The goal of the Network is to bring the strengths of Imperial researchers together to focus on food and nutrition research. It is about bringing people with diverse backgrounds together to focus on problems which are associated with diet, many of which are currently intractable health problems, such as obesity and type II diabetes, where there seems to be no solution to the increasing burden. The Network works by posing exciting problems, you can’t force people to work together, but if there is excitement about what you are trying to achieve, then it works.
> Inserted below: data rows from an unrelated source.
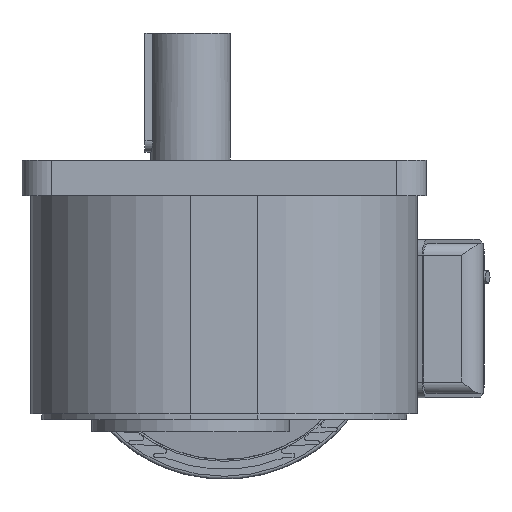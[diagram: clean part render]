
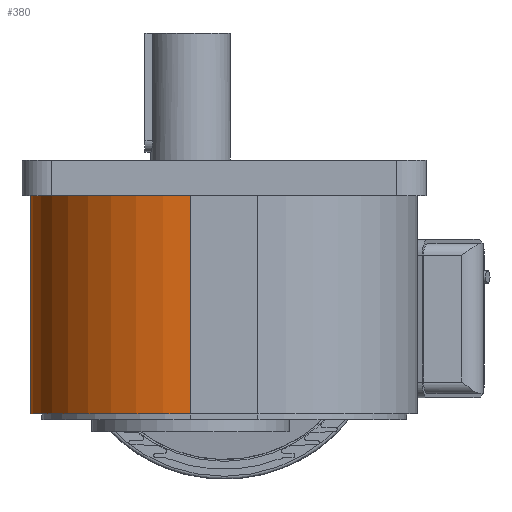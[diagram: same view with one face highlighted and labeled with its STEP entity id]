
A CAD part, left-side view. The second image highlights one B-rep face of the part: STEP entity #380.
In plain terms, the highlighted cylindrical face has radius 80.5 mm (diameter 161 mm), a partial arc.
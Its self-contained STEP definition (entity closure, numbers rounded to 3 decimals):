
#380 = ADVANCED_FACE( '', ( #1278 ), #1279, .T. );
#1278 = FACE_OUTER_BOUND( '', #3156, .T. );
#1279 = CYLINDRICAL_SURFACE( '', #3157, 80.5 );
#3156 = EDGE_LOOP( '', ( #5379, #5380, #5381, #5382 ) );
#3157 = AXIS2_PLACEMENT_3D( '', #5383, #5384, #5385 );
#5379 = ORIENTED_EDGE( '', *, *, #11299, .F. );
#5380 = ORIENTED_EDGE( '', *, *, #11300, .F. );
#5381 = ORIENTED_EDGE( '', *, *, #11163, .T. );
#5382 = ORIENTED_EDGE( '', *, *, #11301, .T. );
#5383 = CARTESIAN_POINT( '', ( -128., 0., 0. ) );
#5384 = DIRECTION( '', ( -1., 0., 0. ) );
#5385 = DIRECTION( '', ( 0., 0., -1. ) );
#11163 = EDGE_CURVE( '', #13089, #13087, #13090, .T. );
#11299 = EDGE_CURVE( '', #13318, #13319, #13320, .T. );
#11300 = EDGE_CURVE( '', #13089, #13318, #13321, .T. );
#11301 = EDGE_CURVE( '', #13087, #13319, #13322, .T. );
#13087 = VERTEX_POINT( '', #16377 );
#13089 = VERTEX_POINT( '', #16380 );
#13090 = CIRCLE( '', #16381, 80.5 );
#13318 = VERTEX_POINT( '', #16687 );
#13319 = VERTEX_POINT( '', #16688 );
#13320 = CIRCLE( '', #16689, 80.5 );
#13321 = LINE( '', #16690, #16691 );
#13322 = LINE( '', #16692, #16693 );
#16377 = CARTESIAN_POINT( '', ( -128., 0., 80.5 ) );
#16380 = CARTESIAN_POINT( '', ( -128., 80.5, 0. ) );
#16381 = AXIS2_PLACEMENT_3D( '', #26157, #26158, #26159 );
#16687 = CARTESIAN_POINT( '', ( -18., 80.5, 0. ) );
#16688 = CARTESIAN_POINT( '', ( -18., 0., 80.5 ) );
#16689 = AXIS2_PLACEMENT_3D( '', #26409, #26410, #26411 );
#16690 = CARTESIAN_POINT( '', ( -128., 80.5, 0. ) );
#16691 = VECTOR( '', #26412, 1000. );
#16692 = CARTESIAN_POINT( '', ( -128., 0., 80.5 ) );
#16693 = VECTOR( '', #26413, 1000. );
#26157 = CARTESIAN_POINT( '', ( -128., 0., 0. ) );
#26158 = DIRECTION( '', ( 1., 0., 0. ) );
#26159 = DIRECTION( '', ( 0., 0., -1. ) );
#26409 = CARTESIAN_POINT( '', ( -18., 0., 0. ) );
#26410 = DIRECTION( '', ( 1., 0., 0. ) );
#26411 = DIRECTION( '', ( 0., 0., -1. ) );
#26412 = DIRECTION( '', ( 1., 0., 0. ) );
#26413 = DIRECTION( '', ( 1., 0., 0. ) );

Although Imperial is not overtly known for nutrition, many groups’ focus is on nutrition and they lead the world. For example, Elio Riboli’s research into cancer has a big focus on nutrition, Jeremy Nicholson’s work with the microbiota has a big overlap with nutrition, and a number of the engineering projects also involve nutrition. So although Imperial may not have been seen as being a major player in the field, in reality it has been. It is this expertise which allows us to look at these important questions on food and nutrition and search out ways to answer them.

Our approach

Some of the questions that demand this multi-disciplinary approach are apparently simple, such as what people eat at home. This question alone is very difficult, if not impossible, to understand, to the point where most of the big datasets in the UK on this simple question have error rates of around 50%. The issue comes from the fact that people like to present a favourable picture of their eating habits, either deliberately or subconsciously. So you’ve got to have an assessment technique that takes the person out of the equation.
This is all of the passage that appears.